B. Procedural History
On August 17, 2011, United Van Lines, LLC (“United”) and McCollister’s
Transportation Services, Inc. (“McCollister’s”) filed a Complaint for a Declaratory Judgment,
seeking a finding that each party’s liability to Lohr and LP for the damaged printer was
controlled by the terms of the Bill of Lading. (Doc. No. 1). On November 13, 2011, LP served
its Answer to that Complaint. (Doc. No. 7).
On November 13, 2011, LP also filed Counterclaims against United and McCollister’s,
seeking to recover damages for the Printer. (Id.). On March 29, 2012, this Court granted
United’s and McCollister’s motion to dismiss LP’s Counterclaims in part. (Doc. No. 21). On
July 13, 2012, LP amended its Answer and filed a Third Party Complaint against CBS, CUSA,
and Rodney Held for actions related to the shipment of the Printer. (Doc. No. 28).
On September 7, 2012, CBS and CUSA moved to dismiss LP’s Third Party Complaint.
(Doc. No. 45). On October 22, 2012, LP cross-moved to file an Amended Third Party
Complaint. (Doc. No. 53). On January 29, 2013, the Court granted both motions to dismiss, and
the Court denied LP’s motion to amend its Counterclaim and Third Party Complaint. (Doc. No.

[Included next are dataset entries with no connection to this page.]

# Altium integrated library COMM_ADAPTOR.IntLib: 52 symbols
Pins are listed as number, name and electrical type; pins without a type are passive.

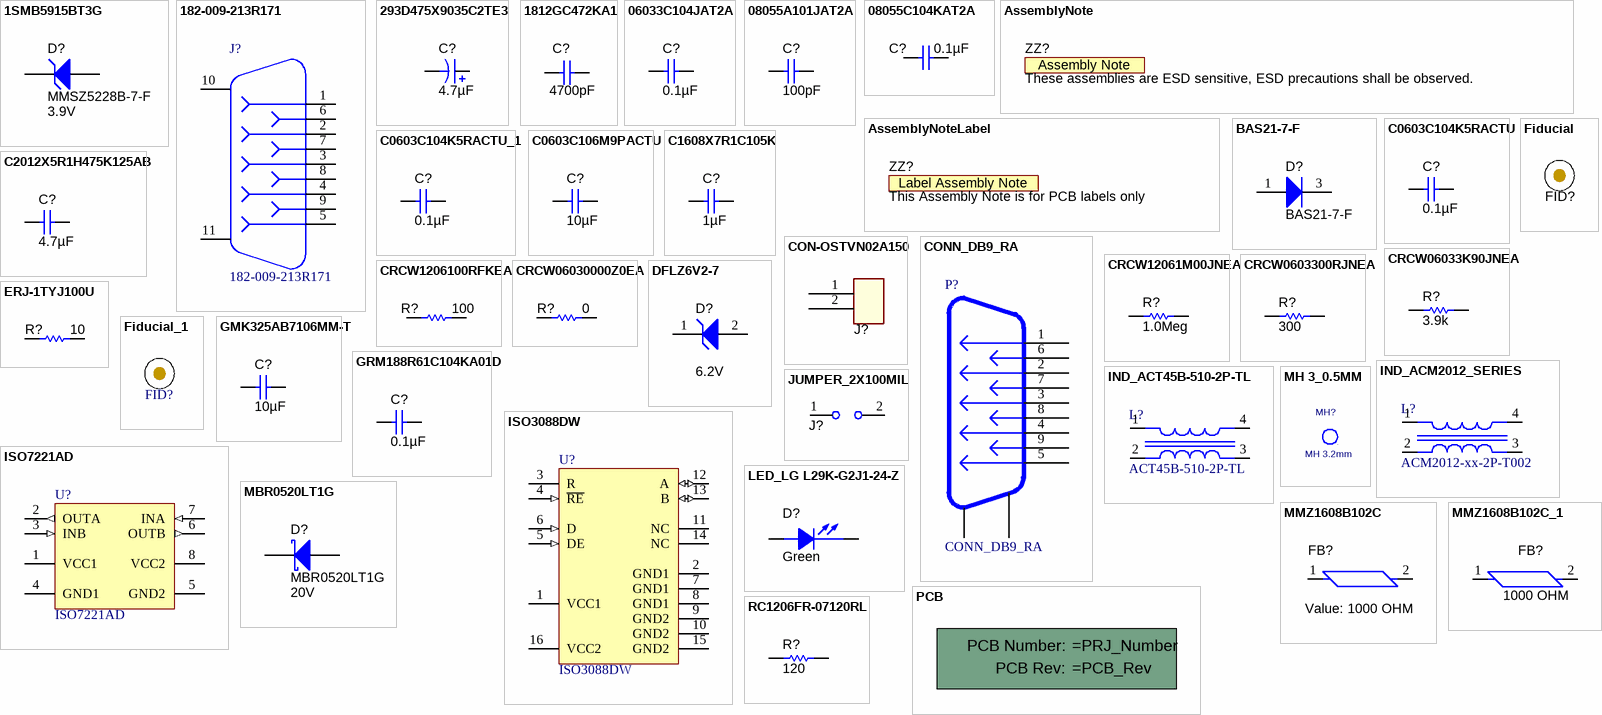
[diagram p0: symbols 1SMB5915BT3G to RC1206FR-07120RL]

## 1SMB5915BT3G
designator D?, comment MMSZ5228B-7-F  value 3.9V
DIODE ZENER 3.9V 500MW SOD123; Manufacturer: Diodes Incorporated; U/M: EA; Power_W: 0.55; Vz_V: 3.9; Value1: 0.55W; RJA_CperW: 226
signal-integrity model Diode
footprint sod-123 (On Semi recommended land pattern)
pins: 1 K, 2 A

## 182-009-213R171
designator J?
CONN DB9 FEMALE R/A SOLDER TH; Manufacturer: NorComp; SymbolCreator: a0412235; CompType: Connector; U/M: EA
footprint NORCOMP_182-009-213R171
pins: 1, 2, 3, 4, 5, 6, 7, 8, 9, 10, 11

## 293D475X9035C2TE3
designator C?  ValueDisplayed: 4.7µF  (hidden comment: 293D475X9035C2TE3)
CAP, TA, 4.7uF, 35V, +/-10%, 1.9 ohm, SMD; Manufacturer: Vishay-Sprague; Polarized: Y; CompType: Capacitor; U/M: EA; Cap_F: 0.0000047; Tolerance_%: 10; Value1: 1.9 ohm; VDC_V: 35; ESR_Ohm: 1.9; IRMS_A: 0.24; TaMin_C: -55; TaMax_C: 125; Cap_Case: C
signal-integrity model Cap
simulation model Cap
footprint 6032-28 (Medium Density IPC based on Vishay Sprague 293D datasheet.)
pins: 1 +, 2 -

## 1812GC472KA1
designator C?  ValueDisplayed: 4700pF  (hidden comment: 1812GC472KA1)
CAP, CERM, 4700pF, 2000V, +/-10%, X7R, 1812; Manufacturer: AVX; Polarized: N; CompType: Capacitor; U/M: EA; Cap_F: 0.0000000047; Tolerance_%: 10; Value1: Unknown; VDC_V: 2000; TaMin_C: -55; TaMax_C: 125; Cap_Case: 1812
signal-integrity model Cap
simulation model Cap
footprint 1812
footprint 1812M
footprint 1812L
footprint 1812_HV
pins: 1, 2

## 06033C104JAT2A
designator C?  ValueDisplayed: 0.1µF  (hidden comment: 06033C104JAT2A)
CAP, CERM, 0.1uF, 25V, +/-5%, X7R, 0603; Manufacturer: AVX; Polarized: N; CompType: Capacitor; U/M: EA; Cap_F: 0.0000001; Tolerance_%: 5; ESR_Ohm: 0.05; Value1: 0.05 ohm; VDC_V: 25; TaMin_C: -55; TaMax_C: 125; Cap_Case: 0603
signal-integrity model Cap
simulation model Cap
footprint 0603
footprint 0603M
footprint 0603L
footprint 0603_HV
pins: 1, 2

## 08055A101JAT2A
designator C?  ValueDisplayed: 100pF  (hidden comment: 08055A101JAT2A)
CAP, CERM, 100pF, 50V, +/-5%, C0G/NP0, 0805; Manufacturer: AVX; Polarized: N; CompType: Capacitor; U/M: EA; Cap_F: 0.0000000001; Tolerance_%: 5; ESR_Ohm: 0.356; Value1: 0.356 ohm; VDC_V: 50; TaMin_C: -55; TaMax_C: 125; Cap_Case: 0805
signal-integrity model Cap
simulation model Cap
footprint 0805_HV
footprint 0805
footprint 0805M
footprint 0805L
pins: 1, 2

## 08055C104KAT2A
designator C?  ValueDisplayed: 0.1µF  (hidden comment: 08055C104KAT2A)
CAP, CERM, 0.1uF, 50V, +/-10%, X7R, 0805; Manufacturer: AVX; Polarized: N; CompType: Capacitor; U/M: EA; Cap_F: 0.0000001; Tolerance_%: 10; ESR_Ohm: 0.024; Value1: 0.024 ohm; VDC_V: 50; TaMin_C: -55; TaMax_C: 125; Cap_Case: 0805
signal-integrity model Cap
simulation model Cap
footprint 0805_HV (0805 with 30mil clearance between pads)
footprint 0805
footprint 0805M
footprint 0805L
pins: 1, 2

## AssemblyNote
designator ZZ?, comment These assemblies are ESD sensitive, ESD precautions shall be observed.  (no BOM)
SymbolCreator: codlsc; CompType: AssemblyNote
footprint AssemblyNote

## AssemblyNoteLabel
designator ZZ?, comment This Assembly Note is for PCB labels only  (no BOM)
SymbolCreator: a0412235
footprint AssemblyNoteLabel

## BAS21-7-F
designator D?
Diode, Switching, 200V, 0.2A, SOT-23; Manufacturer: Diodes Inc.; U/M: EA; Vf_V: 1.25; Value2: 1.25V; Io_A: 0.2; Vr_V: 200; TJmax_C: 150; RJC_CperW: 500
footprint SOT-23 (SOT23, 3-Leads, Body 2.9x1.3mm, Pitch 0.95mm, Lead Span 2.5mm, IPC Medium Density)
footprint SOT-23M
footprint SOT-23L
pins: 1 A, 3 K

## C0603C104K5RACTU
designator C?  ValueDisplayed: 0.1µF
CAP, CERM, 0.1uF, 50V, +/-10%, X7R, 0603; PartNumber: C0603C104K5RACTU; Manufacturer: Kemet; Polarized: N; CompType: Capacitor; U/M: EA; Cap_F: 0.0000001; Tolerance_%: 10; Value1: Unknown; VDC_V: 50; TaMin_C: -55; TaMax_C: 125; Cap_Case: 0603
signal-integrity model Cap
simulation model Cap
footprint 0603 (0603 from SM-752 data)
footprint 0603M
footprint 0603L
footprint 0603_HV
pins: 1, 2

## C0603C104K5RACTU_1
designator C?, comment ValueDisplayed: 0.1µF  (hidden comment: C0603C104K5RACTU)
CAP, CERM, 0.1uF, 50V, +/-10%, X7R, 0603; Manufacturer: Kemet; Polarized: N; CompType: Capacitor; U/M: EA; Cap_F: 0.0000001; Tolerance_%: 10; Value1: Unknown; VDC_V: 50; TaMin_C: -55; TaMax_C: 125; Cap_Case: 0603
signal-integrity model Cap
simulation model Cap
footprint 0603 (0603 from SM-752 data)
footprint 0603M
footprint 0603L
footprint 0603_HV
pins: 1, 2

## C0603C106M9PACTU
designator C?  ValueDisplayed: 10µF  (hidden comment: C0603C106M9PACTU)
CAP, CERM, 10uF, 6.3V, +/-20%, X5R, 0603; Manufacturer: Kemet; Polarized: N; CompType: Capacitor; U/M: EA; Cap_F: 0.00001; Tolerance_%: 20; ESR_Ohm: 0.004; Value1: 0.004 ohm; VDC_V: 6.3; IRMS_A: 8.9; TaMin_C: -55; TaMax_C: 85; Cap_Case: 0603
signal-integrity model Cap
simulation model Cap
footprint 0603
footprint 0603M
footprint 0603L
footprint 0603_HV
pins: 1, 2

## C1608X7R1C105K
designator C?  ValueDisplayed: 1µF  (hidden comment: C1608X7R1C105K)
CAP, CERM, 1uF, 16V, +/-10%, X7R, 0603; Manufacturer: TDK; Polarized: N; CompType: Capacitor; U/M: EA; Cap_F: 0.000001; Tolerance_%: 10; ESR_Ohm: 0.0057; Value1: 0.0057 ohm; VDC_V: 16; TaMin_C: -55; TaMax_C: 125; Cap_Case: 0603
signal-integrity model Cap
simulation model Cap
footprint 0603 (0603 from SM-752 data)
footprint 0603M
footprint 0603L
footprint 0603_HV
pins: 1, 2

## C2012X5R1H475K125AB
designator C?  ValueDisplayed: 4.7µF
CAP, CERM, 4.7uF, 50V, +/-10%, X5R, 0805; PartNumber: C2012X5R1H475K125AB; Manufacturer: TDK; Polarized: N; CompType: Capacitor; U/M: EA; Cap_F: 0.0000047; Tolerance_%: 10; Value1: Unknown; VDC_V: 50; TaMin_C: -55; TaMax_C: 85; Cap_Case: 0805
signal-integrity model Cap
simulation model Cap
footprint 0805_HV (0805 with 30mil clearance between pads)
footprint 0805
footprint 0805M
footprint 0805L
pins: 1, 2

## CON-OSTVN02A150
designator J?  (value not drawn)
CONN TERM BLOCK 2.54MM 2POS PCB; Manufacturer: On Shore Technology Inc; SymbolCreator: x0120606; CompType: Terminal Block
footprint CN2_MTB_P100_PD80_D1.1_S5.54X6.5_STACK
pins: 1, 2

## CONN_DB9_RA
designator P?
Connector, 9-pin D, Right Angle, Male; Manufacturer: AMP; PartNumber: 747250-4; area: 1.021 inch; Value: 747250-4
footprint DB9_RA
pins: 1, 2, 3, 4, 5, 6, 7, 8, 9, 10 MOUNT1, 11 MOUNT2

## CRCW06033K90JNEA
designator R?  value 3.9k
RES, 3.9k ohm, 5%, 0.1W, 0603; PartNumber: CRCW06033K90JNEA; Manufacturer: Vishay-Dale; CompType: Resistor; Res_ohm: 3900; Value_Code: 3k90; Tolerance_%: 5; Power_W: 0.1; VDC_V: 75; TempCo: 200 ppm/C; EIA_Code: E24; U/M: EA
signal-integrity model Resistor
simulation model Resistor
footprint 0603 (0603 from SM-752 data)
footprint 0603M
footprint 0603L
footprint 0603_HV
footprint 0603
footprint 0603_HV
footprint 0603L
footprint 0603M
simulation model Resistor
signal-integrity model Resistor
pins: 1, 2

## CRCW12061M00JNEA
designator R?  value 1.0Meg  (hidden comment: CRCW12061M00JNEA)
RES, 1.0Meg ohm, 5%, 0.25W, 1206; Manufacturer: Vishay-Dale; CompType: Resistor; Res_ohm: 1000000; Value_Code: 1M00; Tolerance_%: 5; Power_W: 0.25; VDC_V: 200; TempCo: 200 ppm/C; EIA_Code: E24; U/M: EA
signal-integrity model Resistor
simulation model Resistor
footprint 1206 (1206 from SM-752 data)
footprint 1206M
footprint 1206L
pins: 1, 2

## CRCW0603300RJNEA
designator R?  value 300  (hidden comment: CRCW0603300RJNEA)
RES, 300 ohm, 5%, 0.1W, 0603; Manufacturer: Vishay-Dale; CompType: Resistor; Value_Code: 300R; Tolerance_%: 5; Power_W: 0.1; VDC_V: 75; TempCo: 200 ppm/C; EIA_Code: E24; U/M: EA
signal-integrity model Resistor
simulation model Resistor
footprint 0603 (0603 from SM-752 data)
footprint 0603M
footprint 0603L
footprint 0603_HV
footprint 0603
footprint 0603_HV
footprint 0603L
footprint 0603M
simulation model Resistor
signal-integrity model Resistor
pins: 1, 2

## CRCW1206100RFKEA
designator R?  value 100  (hidden comment: CRCW1206100RFKEA)
RES, 100 ohm, 1%, 0.25W, 1206; Manufacturer: Vishay-Dale; CompType: Resistor; Value_Code: 100R; Tolerance_%: 1; Power_W: 0.25; VDC_V: 200; TempCo: 100 ppm/C; EIA_Code: E96; U/M: EA
signal-integrity model Resistor
simulation model Resistor
footprint 1206
footprint 1206M
footprint 1206L
pins: 1, 2

## CRCW06030000Z0EA
designator R?  value 0  (hidden comment: CRCW06030000Z0EA)
RES, 0 ohm, 5%, 0.1W, 0603; Manufacturer: Vishay-Dale; CompType: Resistor; Value_Code: 0000; Tolerance_%: 5; Power_W: 0.1; VDC_V: 75; TempCo: 200 ppm/C; EIA_Code: E24; U/M: EA
signal-integrity model Resistor
simulation model Resistor
footprint 0603
footprint 0603M
footprint 0603L
footprint 0603_HV
pins: 1, 2

## DFLZ6V2-7
designator D?  value 6.2V
Diode, Zener, 6.2V, 1W, PowerDI123; PartNumber: DFLZ6V2-7; Manufacturer: Diodes Inc.; U/M: EA; Power_W: 1; Vz_V: 6.2; RJA_CperW: 110
signal-integrity model Diode
footprint powerDI123 (Diodes Inc recommended land pattern, document number DS30628 Rev. 6-2)
pins: 1 K, 2 A

## ERJ-1TYJ100U
designator R?  value 10  (hidden comment: ERJ-1TYJ100U)
RES, 10 ohm, 5%, 1W, 2512; Manufacturer: Panasonic; CompType: Resistor; Value_Code: 10R0; Tolerance_%: 5; Power_W: 1; VDC_V: 200; TempCo: 200 ppm/C; EIA_Code: E24; U/M: EA
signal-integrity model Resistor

71). On February 24, 2014, LP’s counsel wrote the Court to “confirm” that LP could file an
answer and a separate defense to the counterclaim filed by third-party defendant CFS and file a
Fourth Party Complaint against CFS. The request for leave to file the amended counterclaims
and a Fourth Party Complaint against CFS was granted on March 4, 2014. (Doc. No. 93). LP
and Lohr do not claim that the request explicitly included a request for leave to file the Fifth
Party Complaint against BR, CBS, OCE or CSA.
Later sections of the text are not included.